Race Managed/Timed By: Mount Washington Valley Skating Club

Proceeds to Benefit (if any): Mount Washington Valley Skating Club

Organization of Bib Pick Up: Smooth and easy! The start point and bib pick up were in Schouler Park in the center of North Conway. There was plenty of parking around the park. The area was well-lit (it was nighttime, after all!). And there were plenty of volunteers on-hand to answer questions.

Organization of Race: It was pretty simple–leave any time after 9:30 p.m. and try to be one of the first five people to cross the finish line after midnight without using a timing device. Leave whenever you think will get you there on time. They had a pace chart set up–so, look at your typical pace for the distance, and it told you what time you should leave to reach the end by midnight.

There were volunteers at most course turns, or at least arrows directing us to turn. There were reflective mile markers. And three water/Gatorade stops. Police were present at two road crossings.

We were directed to wear reflective vests/clothing and to carry a headlamp or flashlight. At least half the field did one or the other. Some people were really not visible; other people had really cool reflective gear!

There were 70-80 people (runners and walkers). And although everyone started at different times, most of us ended within 5 minutes of midnight!

Course Description: We started by Schouler Park in North Conway. There wasn’t really a start line (no tracker on the bib), but we were pointed to a general area to start from! We did a partial lap around the park and then out onto the main road (Route 116) and past shops and restaurants for about a half mile. We turned left onto River Road and it got dark. Good thing for those headlamps!

After a half mile or so on River Road, we turned left on West Side Road, and that’s where most of the running occurred (about 6 miles of it). It was a decent road, nice wide shoulder for much of it. There were some hills, but nothing that felt unmanageable.

We turned right onto Route 116 in Conway and ran another half mile or so to a left turn onto West Main Street. We were in the home stretch … except we had to do about a mile loop! We saw the finish line, passed it, and ran through a neighborhood and sort of industrial area (hard to see–it was dark!) to loop to the finish at Ham Arena.

Spectators/Energy: There weren’t spectators, other than the volunteers at the course turns and water stations. Most runners were friendly and supportive, but it was a very quiet course. I think it would be hard to do this alone, unless you’re really OK with running on a dark, unfamiliar route in the middle of the night!

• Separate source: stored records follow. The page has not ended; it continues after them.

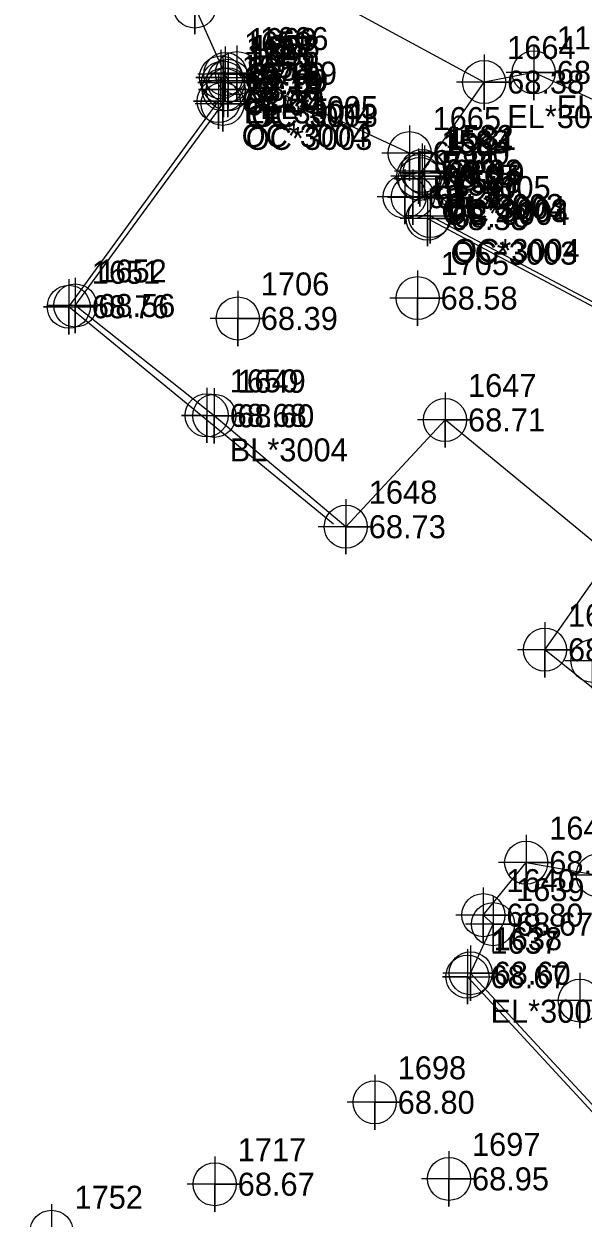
# Model space of a CAD drawing. Extents: x 2062781 to 2066835, y 358981 to 366501.
# Drawn here: x 2066367.2 to 2066428, y 366230 to 366359.8 of the extents above; entities that cross this region are included whole.
import ezdxf

# ---------------------------------------------------------------- set-up
doc = ezdxf.new("R2010")
doc.units = 0
for name, color, linetype in [('Exist DTM Breakline', 7, 'Continuous'), ('Exist DTM Breakline Cogo Comment', 7, 'Continuous'), ('Exist DTM Breakline Cogo Elevation', 7, 'Continuous'), ('Exist DTM Breakline Cogo Number', 7, 'Continuous'), ('Exist DTM Breakline Cogo Point CELL', 7, 'Continuous'), ('Exist DTM Regular Point CELL', 7, 'Continuous'), ('Exist DTM Regular Point Cogo Elevation', 7, 'Continuous'), ('Exist DTM Regular Point Cogo Number', 7, 'Continuous'), ('Exist Roads Curbs', 7, 'Continuous'), ('Exist Roads Curbs Cogo Comment', 7, 'Continuous'), ('Exist Roads Curbs Cogo Elevation', 7, 'Continuous'), ('Exist Roads Curbs Cogo Number', 7, 'Continuous'), ('Exist Roads Curbs Cogo Point CELL', 7, 'Continuous'), ('Exist Roads EOP', 7, 'Continuous'), ('Exist Roads EOP Cogo Comment', 7, 'Continuous'), ('Exist Roads EOP Cogo Elevation', 7, 'Continuous'), ('Exist Roads EOP Cogo Number', 7, 'Continuous'), ('Exist Roads EOP Cogo Point CELL', 7, 'Continuous'), ('Exist Roads EOP Other', 7, 'Continuous'), ('Exist Roads EOP Other Cogo Comment', 7, 'Continuous'), ('Exist Roads EOP Other Cogo Elevation', 7, 'Continuous'), ('Exist Roads EOP Other Cogo Number', 7, 'Continuous'), ('Exist Roads EOP Other Cogo Point CELL', 7, 'Continuous')]:
    doc.layers.add(name, color=color, linetype=linetype)

msp = doc.modelspace()

# ---------------------------------------------------------------- linework, layer by layer
at = {"layer": 'Exist DTM Breakline'}
msp.add_line((2066409.12, 366345.73), (2066390.37, 366354.42), dxfattribs=at)
at = {"layer": 'Exist DTM Breakline Cogo Point CELL'}
for points in [[(2066390.37, 366357.42), (2066390.37, 366351.42), (2066390.37, 366354.42), (2066393.37, 366354.42), (2066387.37, 366354.42)], [(2066409.12, 366348.73), (2066409.12, 366342.73), (2066409.12, 366345.73), (2066412.12, 366345.73), (2066406.12, 366345.73)]]:
    msp.add_lwpolyline(points, dxfattribs=at)
for centre in [(2066390.37, 366354.42), (2066409.12, 366345.73)]:
    msp.add_circle(centre, 2.34, dxfattribs=at)
at = {"layer": 'Exist DTM Regular Point CELL'}
for points in [[(2066409.99, 366332.97), (2066409.99, 366326.97), (2066409.99, 366329.97), (2066412.99, 366329.97), (2066406.99, 366329.97)], [(2066390.46, 366330.76), (2066390.46, 366324.76), (2066390.46, 366327.76), (2066393.46, 366327.76), (2066387.46, 366327.76)], [(2066428.99, 366293.55), (2066428.99, 366287.55), (2066428.99, 366290.55), (2066431.99, 366290.55), (2066425.99, 366290.55)], [(2066427.62, 366256.64), (2066427.62, 366250.64), (2066427.62, 366253.64), (2066430.62, 366253.64), (2066424.62, 366253.64)], [(2066405.33, 366245.58), (2066405.33, 366239.58), (2066405.33, 366242.58), (2066408.33, 366242.58), (2066402.33, 366242.58)], [(2066413.4, 366237.26), (2066413.4, 366231.26), (2066413.4, 366234.26), (2066416.4, 366234.26), (2066410.4, 366234.26)], [(2066387.95, 366236.68), (2066387.95, 366230.68), (2066387.95, 366233.68), (2066390.95, 366233.68), (2066384.95, 366233.68)], [(2066370.22, 366231.51), (2066370.22, 366225.51), (2066370.22, 366228.51), (2066373.22, 366228.51), (2066367.22, 366228.51)]]:
    msp.add_lwpolyline(points, dxfattribs=at)
for centre in [(2066409.99, 366329.97), (2066390.46, 366327.76), (2066428.99, 366290.55), (2066427.62, 366253.64), (2066405.33, 366242.58), (2066387.95, 366233.68), (2066413.4, 366234.26), (2066370.22, 366228.51)]:
    msp.add_circle(centre, 2.34, dxfattribs=at)
at = {"layer": 'Exist Roads Curbs'}
for p, q in [((2066388.85, 366353.4), (2066388.63, 366353.95)), ((2066410.75, 366343.57), (2066410.23, 366342.93)), ((2066411.35, 366338.9), (2066438.51, 366324.54))]:
    msp.add_line(p, q, dxfattribs=at)
for points in [[(2066400.84, 366305.42), (2066372.1, 366329.03), (2066388.38, 366351.38)], [(2066451.49, 366216.23), (2066445.42, 366220.54), (2066443.7, 366222.09), (2066441.6, 366224.92), (2066430.71, 366239.66), (2066415.41, 366256.23)]]:
    msp.add_lwpolyline(points, dxfattribs=at)
at = {"layer": 'Exist Roads Curbs Cogo Point CELL'}
for points in [[(2066388.63, 366356.95), (2066388.63, 366350.95), (2066388.63, 366353.95), (2066385.9, 366353.95), (2066391.63, 366353.95)], [(2066388.85, 366356.4), (2066388.85, 366350.4), (2066388.85, 366353.4), (2066386.12, 366353.4), (2066391.85, 366353.4)], [(2066388.92, 366355.64), (2066388.92, 366349.64), (2066388.92, 366352.64), (2066386.19, 366352.64), (2066391.92, 366352.64)], [(2066388.38, 366354.38), (2066388.38, 366348.38), (2066388.38, 366351.38), (2066385.65, 366351.38), (2066391.38, 366351.38)], [(2066410.75, 366346.57), (2066410.75, 366340.57), (2066410.75, 366343.57), (2066408.02, 366343.57), (2066413.75, 366343.57)], [(2066410.23, 366345.93), (2066410.23, 366339.93), (2066410.23, 366342.93), (2066407.5, 366342.93), (2066413.23, 366342.93)], [(2066409.47, 366343.95), (2066409.47, 366337.95), (2066409.47, 366340.95), (2066406.74, 366340.95), (2066412.47, 366340.95)], [(2066411.35, 366341.9), (2066411.35, 366335.9), (2066411.35, 366338.9), (2066408.62, 366338.9), (2066414.35, 366338.9)], [(2066372.1, 366332.03), (2066372.1, 366326.03), (2066372.1, 366329.03), (2066369.37, 366329.03), (2066375.1, 366329.03)], [(2066387.08, 366320.23), (2066387.08, 366314.23), (2066387.08, 366317.23), (2066384.35, 366317.23), (2066390.08, 366317.23)], [(2066415.41, 366259.23), (2066415.41, 366253.23), (2066415.41, 366256.23), (2066412.68, 366256.23), (2066418.41, 366256.23)]]:
    msp.add_lwpolyline(points, dxfattribs=at)
for centre in [(2066388.63, 366353.95), (2066388.85, 366353.4), (2066388.92, 366352.64), (2066388.38, 366351.38), (2066410.23, 366342.93), (2066410.75, 366343.57), (2066409.47, 366340.95), (2066411.35, 366338.9), (2066372.1, 366329.03), (2066387.08, 366317.23), (2066415.41, 366256.23)]:
    msp.add_circle(centre, 2.34, dxfattribs=at)
at = {"layer": 'Exist Roads EOP'}
msp.add_line((2066380.34, 366373.44), (2066417.22, 366353.45), dxfattribs=at)
for points in [[(2066422.61, 366354.5), (2066417.22, 366353.45)], [(2066464.31, 366336.08), (2066463.29, 366336.04), (2066463.04, 366335.65), (2066446.54, 366343.53), (2066422.61, 366354.5)]]:
    msp.add_lwpolyline(points, dxfattribs=at)
at = {"layer": 'Exist Roads EOP Cogo Point CELL'}
for points in [[(2066422.61, 366357.5), (2066422.61, 366351.5), (2066422.61, 366354.5), (2066425.61, 366354.5), (2066419.61, 366354.5)], [(2066417.22, 366356.45), (2066417.22, 366350.45), (2066417.22, 366353.45), (2066420.22, 366353.45), (2066414.22, 366353.45)]]:
    msp.add_lwpolyline(points, dxfattribs=at)
for centre in [(2066422.61, 366354.5), (2066417.22, 366353.45)]:
    msp.add_circle(centre, 2.34, dxfattribs=at)
at = {"layer": 'Exist Roads EOP Other'}
for p, q in [((2066410.49, 366343.78), (2066410.08, 366343.23)), ((2066411.08, 366338.61), (2066438.3, 366324.11))]:
    msp.add_line(p, q, dxfattribs=at)
for points in [[(2066389.42, 366353.58), (2066389.1, 366354.32), (2066385.78, 366361.66), (2066382.35, 366370.67)], [(2066410.49, 366343.78), (2066417.22, 366353.45)], [(2066459.71, 366246.06), (2066462.1, 366242.15), (2066463.83, 366240.14), (2066451.7, 366216.53), (2066445.82, 366221.12), (2066444.22, 366222.58), (2066442.04, 366225.44), (2066431.16, 366239.96), (2066415.75, 366256.61), (2066418.19, 366261.94), (2066417.13, 366262.92), (2066421.79, 366268.63), (2066429.57, 366267.25), (2066436.9, 366275.22), (2066436.28, 366281.78), (2066423.83, 366291.76), (2066430.97, 366301.93), (2066412.97, 366316.73), (2066402.19, 366305.13), (2066387.9, 366317.18), (2066372.8, 366329.17), (2066388.82, 366351.08)]]:
    msp.add_lwpolyline(points, dxfattribs=at)
at = {"layer": 'Exist Roads EOP Other Cogo Point CELL'}
for points in [[(2066385.78, 366364.66), (2066385.78, 366358.66), (2066385.78, 366361.66), (2066388.78, 366361.66), (2066382.78, 366361.66)], [(2066389.1, 366357.32), (2066389.1, 366351.32), (2066389.1, 366354.32), (2066392.1, 366354.32), (2066386.1, 366354.32)], [(2066389.42, 366356.58), (2066389.42, 366350.58), (2066389.42, 366353.58), (2066392.42, 366353.58), (2066386.42, 366353.58)], [(2066389.37, 366355.65), (2066389.37, 366349.65), (2066389.37, 366352.65), (2066392.37, 366352.65), (2066386.37, 366352.65)], [(2066388.82, 366354.08), (2066388.82, 366348.08), (2066388.82, 366351.08), (2066391.82, 366351.08), (2066385.82, 366351.08)], [(2066410.08, 366346.23), (2066410.08, 366340.23), (2066410.08, 366343.23), (2066413.08, 366343.23), (2066407.08, 366343.23)], [(2066410.49, 366346.78), (2066410.49, 366340.78), (2066410.49, 366343.78), (2066413.49, 366343.78), (2066407.49, 366343.78)], [(2066408.59, 366343.99), (2066408.59, 366337.99), (2066408.59, 366340.99), (2066411.59, 366340.99), (2066405.59, 366340.99)], [(2066411.08, 366341.61), (2066411.08, 366335.61), (2066411.08, 366338.61), (2066414.08, 366338.61), (2066408.08, 366338.61)], [(2066372.8, 366332.17), (2066372.8, 366326.17), (2066372.8, 366329.17), (2066375.8, 366329.17), (2066369.8, 366329.17)], [(2066387.9, 366320.18), (2066387.9, 366314.18), (2066387.9, 366317.18), (2066390.9, 366317.18), (2066384.9, 366317.18)], [(2066412.97, 366319.73), (2066412.97, 366313.73), (2066412.97, 366316.73), (2066415.97, 366316.73), (2066409.97, 366316.73)], [(2066402.19, 366308.13), (2066402.19, 366302.13), (2066402.19, 366305.13), (2066405.19, 366305.13), (2066399.19, 366305.13)], [(2066423.83, 366294.76), (2066423.83, 366288.76), (2066423.83, 366291.76), (2066426.83, 366291.76), (2066420.83, 366291.76)], [(2066421.79, 366271.63), (2066421.79, 366265.63), (2066421.79, 366268.63), (2066424.79, 366268.63), (2066418.79, 366268.63)], [(2066429.57, 366270.25), (2066429.57, 366264.25), (2066429.57, 366267.25), (2066432.57, 366267.25), (2066426.57, 366267.25)], [(2066417.13, 366265.92), (2066417.13, 366259.92), (2066417.13, 366262.92), (2066420.13, 366262.92), (2066414.13, 366262.92)], [(2066418.19, 366264.94), (2066418.19, 366258.94), (2066418.19, 366261.94), (2066421.19, 366261.94), (2066415.19, 366261.94)], [(2066415.75, 366259.61), (2066415.75, 366253.61), (2066415.75, 366256.61), (2066418.75, 366256.61), (2066412.75, 366256.61)]]:
    msp.add_lwpolyline(points, dxfattribs=at)
for centre in [(2066385.78, 366361.66), (2066389.1, 366354.32), (2066389.42, 366353.58), (2066389.37, 366352.65), (2066388.82, 366351.08), (2066410.08, 366343.23), (2066410.49, 366343.78), (2066408.59, 366340.99), (2066411.08, 366338.61), (2066372.8, 366329.17), (2066387.9, 366317.18), (2066412.97, 366316.73), (2066402.19, 366305.13), (2066423.83, 366291.76), (2066421.79, 366268.63), (2066429.57, 366267.25), (2066417.13, 366262.92), (2066418.19, 366261.94), (2066415.75, 366256.61)]:
    msp.add_circle(centre, 2.34, dxfattribs=at)

# ---------------------------------------------------------------- texts
at = {"layer": 'Exist DTM Breakline Cogo Comment'}
for s, p in [('EL*4005', (2066392.87, 366349.42)), ('BL*4005', (2066411.62, 366340.73))]:
    msp.add_text(s, height=2.5, dxfattribs=at).set_placement(p)
at = {"layer": 'Exist DTM Breakline Cogo Elevation'}
for s, p in [('67.99', (2066392.87, 366353.17)), ('67.90', (2066411.62, 366344.48))]:
    msp.add_text(s, height=2.5, dxfattribs=at).set_placement(p)
at = {"layer": 'Exist DTM Breakline Cogo Number'}
for s, p in [('1666', (2066392.87, 366356.92)), ('1665', (2066411.62, 366348.23))]:
    msp.add_text(s, height=2.5, dxfattribs=at).set_placement(p)
at = {"layer": 'Exist DTM Regular Point Cogo Elevation'}
for s, p in [('68.58', (2066412.49, 366328.72)), ('68.39', (2066392.96, 366326.51)), ('68.80', (2066407.83, 366241.33)), ('68.67', (2066390.45, 366232.43)), ('68.95', (2066415.9, 366233.01))]:
    msp.add_text(s, height=2.5, dxfattribs=at).set_placement(p)
at = {"layer": 'Exist DTM Regular Point Cogo Number'}
for s, p in [('1705', (2066412.49, 366332.47)), ('1706', (2066392.96, 366330.26)), ('1698', (2066407.83, 366245.08)), ('1717', (2066390.45, 366236.18)), ('1697', (2066415.9, 366236.76)), ('1752', (2066372.72, 366231.01))]:
    msp.add_text(s, height=2.5, dxfattribs=at).set_placement(p)
at = {"layer": 'Exist Roads Curbs Cogo Comment'}
for s, p in [('EL*3004', (2066391.13, 366348.95)), ('OC*3004', (2066391.35, 366348.4)), ('OC*3004', (2066390.88, 366346.38)), ('BL*3004', (2066413.25, 366338.57)), ('OC*3004', (2066412.73, 366337.93)), ('OC*3004', (2066413.85, 366333.9)), ('BL*3004', (2066389.58, 366312.23)), ('EL*3004', (2066417.91, 366251.23))]:
    msp.add_text(s, height=2.5, dxfattribs=at).set_placement(p)
at = {"layer": 'Exist Roads Curbs Cogo Elevation'}
for s, p in [('68.18', (2066391.13, 366352.7)), ('68.19', (2066391.35, 366352.15)), ('68.20', (2066390.88, 366350.13)), ('68.18', (2066391.42, 366351.39)), ('68.24', (2066412.73, 366341.68)), ('68.19', (2066413.25, 366342.32)), ('68.30', (2066411.97, 366339.7)), ('68.48', (2066413.85, 366337.65)), ('68.76', (2066374.6, 366327.78)), ('68.68', (2066389.58, 366315.98)), ('68.67', (2066417.91, 366254.98))]:
    msp.add_text(s, height=2.5, dxfattribs=at).set_placement(p)
at = {"layer": 'Exist Roads Curbs Cogo Number'}
for s, p in [('1659', (2066391.13, 366356.45)), ('1657', (2066391.35, 366355.9)), ('1655', (2066391.42, 366355.14)), ('1653', (2066390.88, 366353.88)), ('1584', (2066412.73, 366345.43)), ('1581', (2066413.25, 366346.07)), ('1585', (2066411.97, 366343.45)), ('1588', (2066413.85, 366341.4)), ('1651', (2066374.6, 366331.53)), ('1650', (2066389.58, 366319.73)), ('1637', (2066417.91, 366258.73))]:
    msp.add_text(s, height=2.5, dxfattribs=at).set_placement(p)
at = {"layer": 'Exist Roads EOP Cogo Comment'}
for p in [(2066425.11, 366349.5), (2066419.72, 366348.45)]:
    msp.add_text('EL*3001', height=2.5, dxfattribs=at).set_placement(p)
at = {"layer": 'Exist Roads EOP Cogo Elevation'}
for s, p in [('68.60', (2066425.11, 366353.25)), ('68.38', (2066419.72, 366352.2))]:
    msp.add_text(s, height=2.5, dxfattribs=at).set_placement(p)
at = {"layer": 'Exist Roads EOP Cogo Number'}
for s, p in [('1108', (2066425.11, 366357)), ('1664', (2066419.72, 366355.95))]:
    msp.add_text(s, height=2.5, dxfattribs=at).set_placement(p)
at = {"layer": 'Exist Roads EOP Other Cogo Comment'}
for s, p in [('OC*3003', (2066391.92, 366348.58)), ('OC*3003', (2066391.32, 366346.08)), ('BL*3003', (2066412.99, 366338.78)), ('OC*3003', (2066412.58, 366338.23)), ('OC*3003', (2066413.58, 366333.61))]:
    msp.add_text(s, height=2.5, dxfattribs=at).set_placement(p)
at = {"layer": 'Exist Roads EOP Other Cogo Elevation'}
for s, p in [('68.00', (2066391.6, 366353.07)), ('67.99', (2066391.92, 366352.33)), ('68.02', (2066391.87, 366351.4)), ('68.04', (2066391.32, 366349.83)), ('68.03', (2066412.99, 366342.53)), ('68.07', (2066412.58, 366341.98)), ('68.21', (2066411.09, 366339.74)), ('68.33', (2066413.58, 366337.36)), ('68.56', (2066375.3, 366327.92)), ('68.60', (2066390.4, 366315.93)), ('68.71', (2066415.47, 366315.48)), ('68.73', (2066404.69, 366303.88)), ('68.59', (2066426.33, 366290.51)), ('68.90', (2066424.29, 366267.38)), ('68.80', (2066419.63, 366261.67)), ('68.67', (2066420.69, 366260.69)), ('68.60', (2066418.25, 366255.36))]:
    msp.add_text(s, height=2.5, dxfattribs=at).set_placement(p)
at = {"layer": 'Exist Roads EOP Other Cogo Number'}
for s, p in [('1660', (2066391.6, 366356.82)), ('1658', (2066391.92, 366356.08)), ('1656', (2066391.87, 366355.15)), ('1654', (2066391.32, 366353.58)), ('1582', (2066412.99, 366346.28)), ('1583', (2066412.58, 366345.73)), ('1586', (2066411.09, 366343.49)), ('1587', (2066413.58, 366341.11)), ('1652', (2066375.3, 366331.67)), ('1649', (2066390.4, 366319.68)), ('1647', (2066415.47, 366319.23)), ('1648', (2066404.69, 366307.63)), ('1645', (2066426.33, 366294.26)), ('1641', (2066424.29, 366271.13)), ('1640', (2066419.63, 366265.42)), ('1639', (2066420.69, 366264.44)), ('1638', (2066418.25, 366259.11))]:
    msp.add_text(s, height=2.5, dxfattribs=at).set_placement(p)

doc.saveas('drawing.dxf')

Swag: A really cute t-shirt design and a complementary carved wooden “medal.”
They had special awards with a choice of raffle items–the “early bird,” for the first person to cross the finish line, the youngest and oldest runners, the person who came the furthest (with other cute names that I don’t remember), and for people who ran in another race earlier in the day (I won one of those!). And there special prizes for the first five people who finished after midnight (a mosaic hot plate).

After Party: They had cookies, watermelon and water at the Ham Arena. So, that was a little lame. And they made everyone stick around for the awards before bringing in the shuttle to take them back to Schouler Park.
Other Thoughts/Comments: This was a really unique event. It was a fun challenge–how well do you know your pacing?! I would do it again, especially if I could find a decently priced room to stay in the area. It was a long ride home after running for almost 2 hours!

If you’re looking for a challenge, and something a little unusual, I would HIGHLY recommend this race. If you know your pace, it’s a good chance to win a race!


~ Alicia C.

Down East Sunrise Trail Relay | Race Recap


Race Location: Ellsworth to Eastport, Maine

Race Date: 7/20-7/21/2018

Race Managed/Timed By: Crow Athletics

Proceeds to Benefit (if any): The Down East Trail Coalition, who maintain the trail

Organization of Bib Pick Up: Bib pickup is at the starting line of the relay 30 minutes before your team’s start time. Teams have a staggered start depending on the estimated finish time of the team. Start times run from 5:30 p.m. Friday to 1:00 a.m. Saturday.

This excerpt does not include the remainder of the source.